#### Instructions to follow:
Which lines of the data below include the string "BALL"? Return each of them.

#### Records:

• • • • •

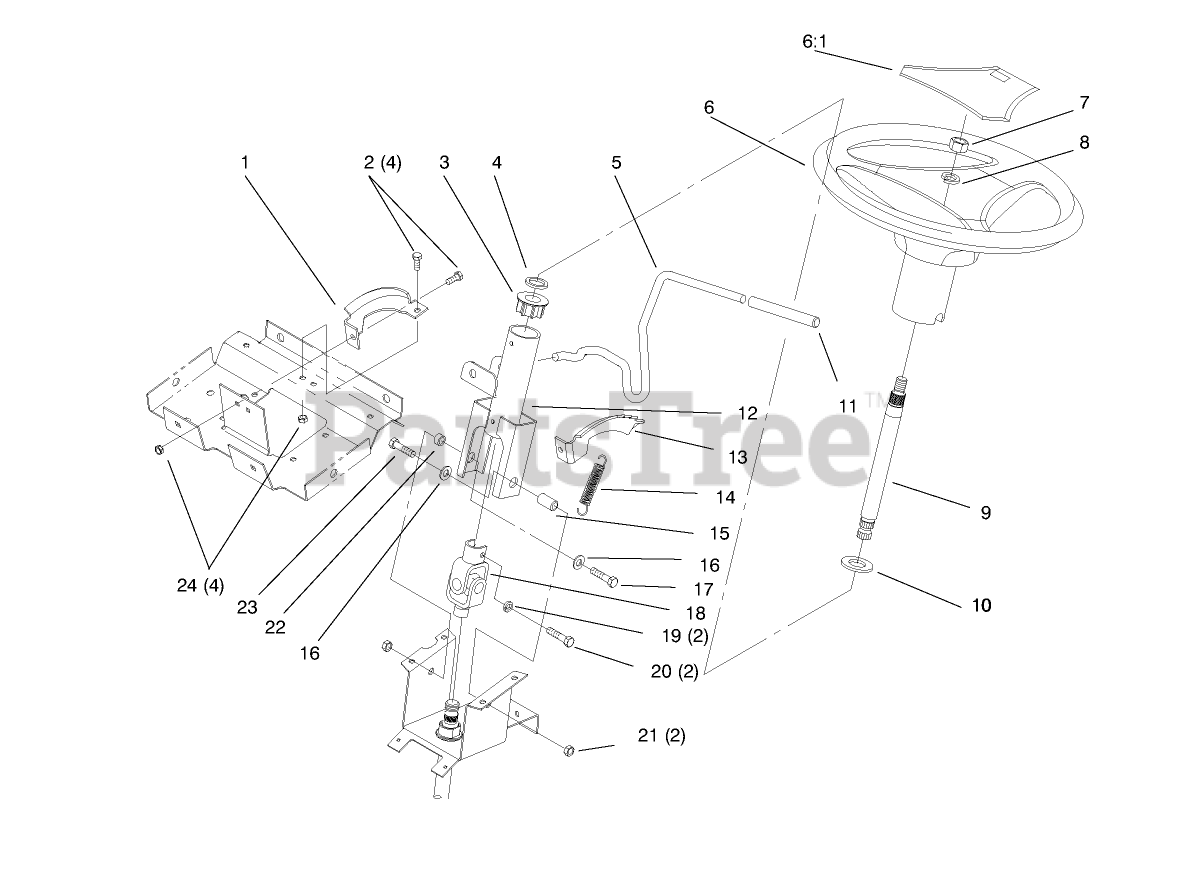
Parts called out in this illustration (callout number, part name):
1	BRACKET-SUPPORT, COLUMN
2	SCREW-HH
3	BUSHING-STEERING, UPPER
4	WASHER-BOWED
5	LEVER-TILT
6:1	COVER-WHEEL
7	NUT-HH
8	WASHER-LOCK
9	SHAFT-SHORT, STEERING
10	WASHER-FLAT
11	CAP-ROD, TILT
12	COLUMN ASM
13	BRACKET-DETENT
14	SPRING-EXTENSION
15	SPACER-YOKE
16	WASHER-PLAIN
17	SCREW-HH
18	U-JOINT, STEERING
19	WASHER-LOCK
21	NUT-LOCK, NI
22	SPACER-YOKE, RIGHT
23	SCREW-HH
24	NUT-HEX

• • • • •

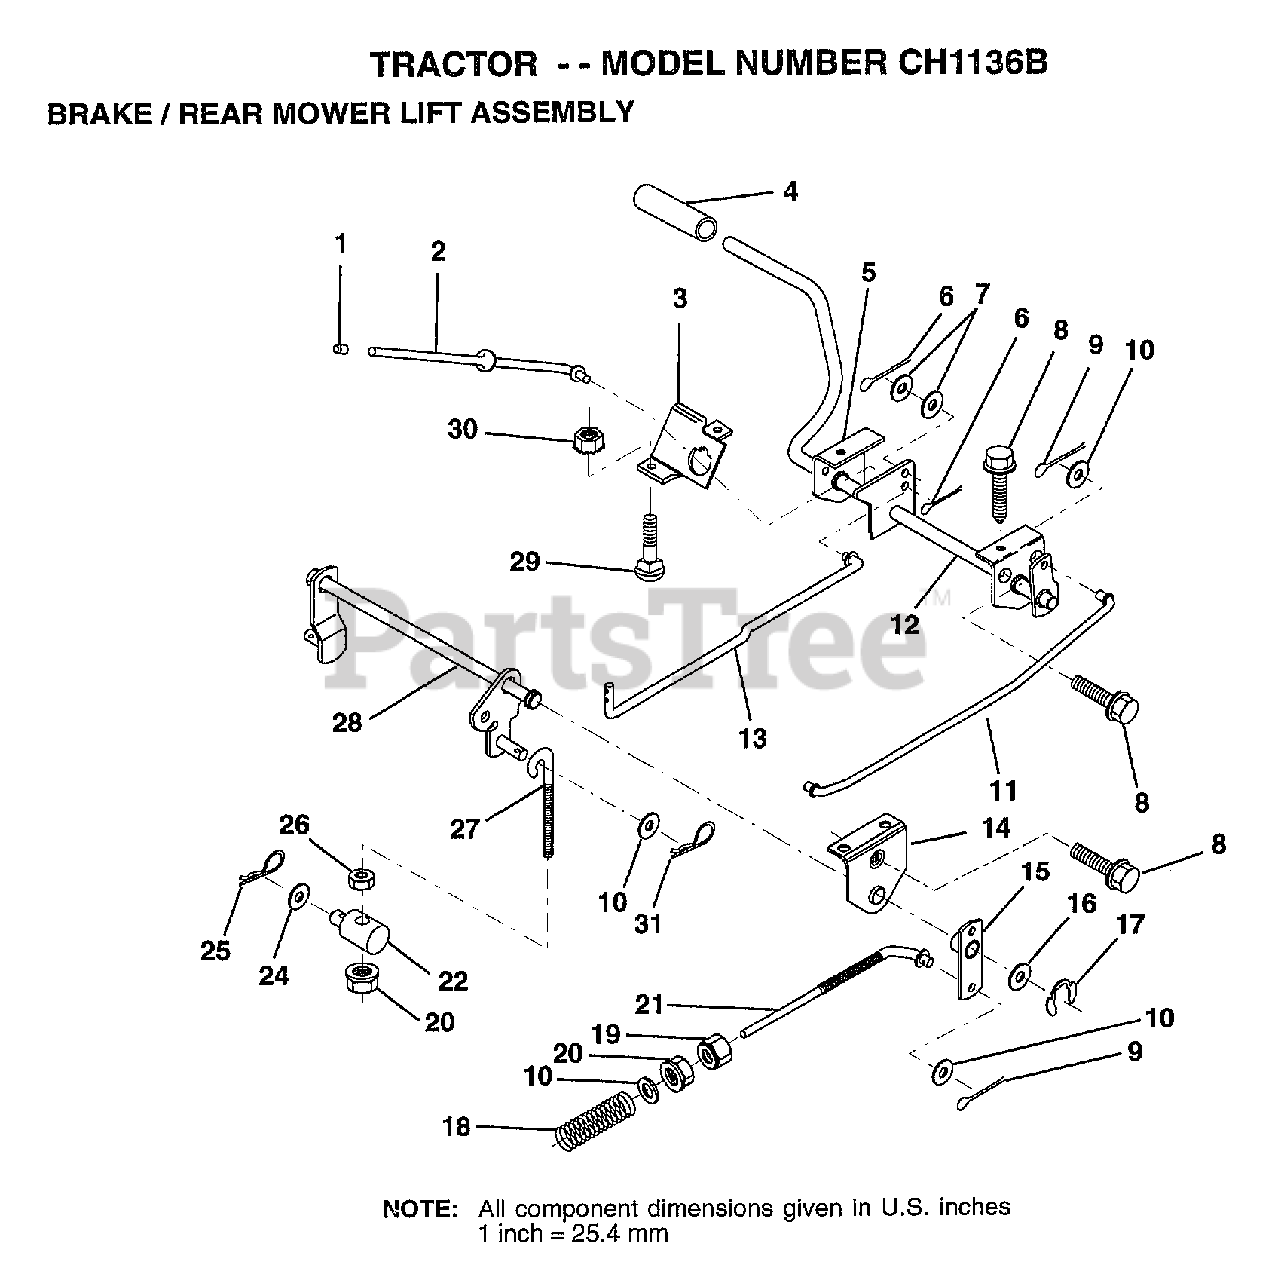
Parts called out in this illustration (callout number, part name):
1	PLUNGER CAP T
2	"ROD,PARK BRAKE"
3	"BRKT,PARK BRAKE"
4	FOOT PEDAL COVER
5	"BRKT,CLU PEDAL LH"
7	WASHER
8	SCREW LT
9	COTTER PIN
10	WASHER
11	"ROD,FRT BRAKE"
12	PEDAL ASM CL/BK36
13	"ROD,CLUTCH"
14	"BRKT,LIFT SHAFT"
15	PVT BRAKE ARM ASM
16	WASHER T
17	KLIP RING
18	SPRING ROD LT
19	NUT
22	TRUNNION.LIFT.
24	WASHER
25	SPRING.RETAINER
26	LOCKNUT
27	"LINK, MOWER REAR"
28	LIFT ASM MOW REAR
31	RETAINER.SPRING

• • • • •

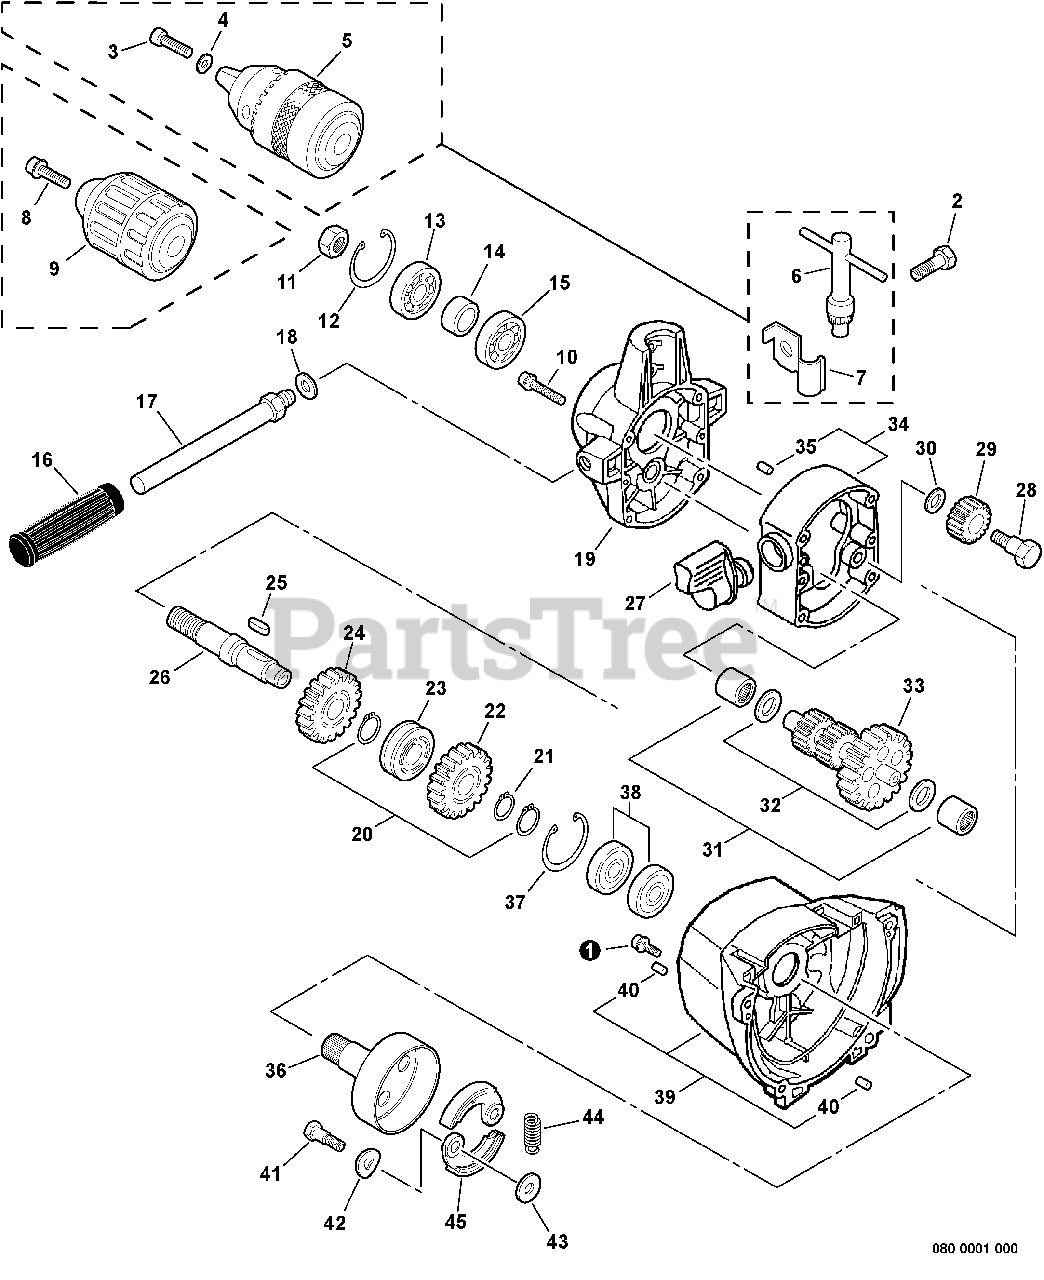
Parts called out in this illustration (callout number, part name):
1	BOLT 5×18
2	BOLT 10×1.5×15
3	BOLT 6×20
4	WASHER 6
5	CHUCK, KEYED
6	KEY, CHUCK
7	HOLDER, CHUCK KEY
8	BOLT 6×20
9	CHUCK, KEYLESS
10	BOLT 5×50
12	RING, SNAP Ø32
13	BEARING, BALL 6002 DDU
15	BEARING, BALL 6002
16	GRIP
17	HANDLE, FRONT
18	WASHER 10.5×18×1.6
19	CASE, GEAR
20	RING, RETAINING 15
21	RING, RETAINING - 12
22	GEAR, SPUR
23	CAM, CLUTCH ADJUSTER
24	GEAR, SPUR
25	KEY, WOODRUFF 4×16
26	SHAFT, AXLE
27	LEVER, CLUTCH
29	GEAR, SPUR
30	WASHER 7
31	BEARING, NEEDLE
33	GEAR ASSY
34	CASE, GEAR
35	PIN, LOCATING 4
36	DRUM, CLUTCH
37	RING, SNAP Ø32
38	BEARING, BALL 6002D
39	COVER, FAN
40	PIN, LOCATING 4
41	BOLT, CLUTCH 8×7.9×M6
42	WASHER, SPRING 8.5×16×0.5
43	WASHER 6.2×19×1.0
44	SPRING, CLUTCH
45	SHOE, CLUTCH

• • • • •

#### Result of this task:
13	BEARING, BALL 6002 DDU
15	BEARING, BALL 6002
38	BEARING, BALL 6002D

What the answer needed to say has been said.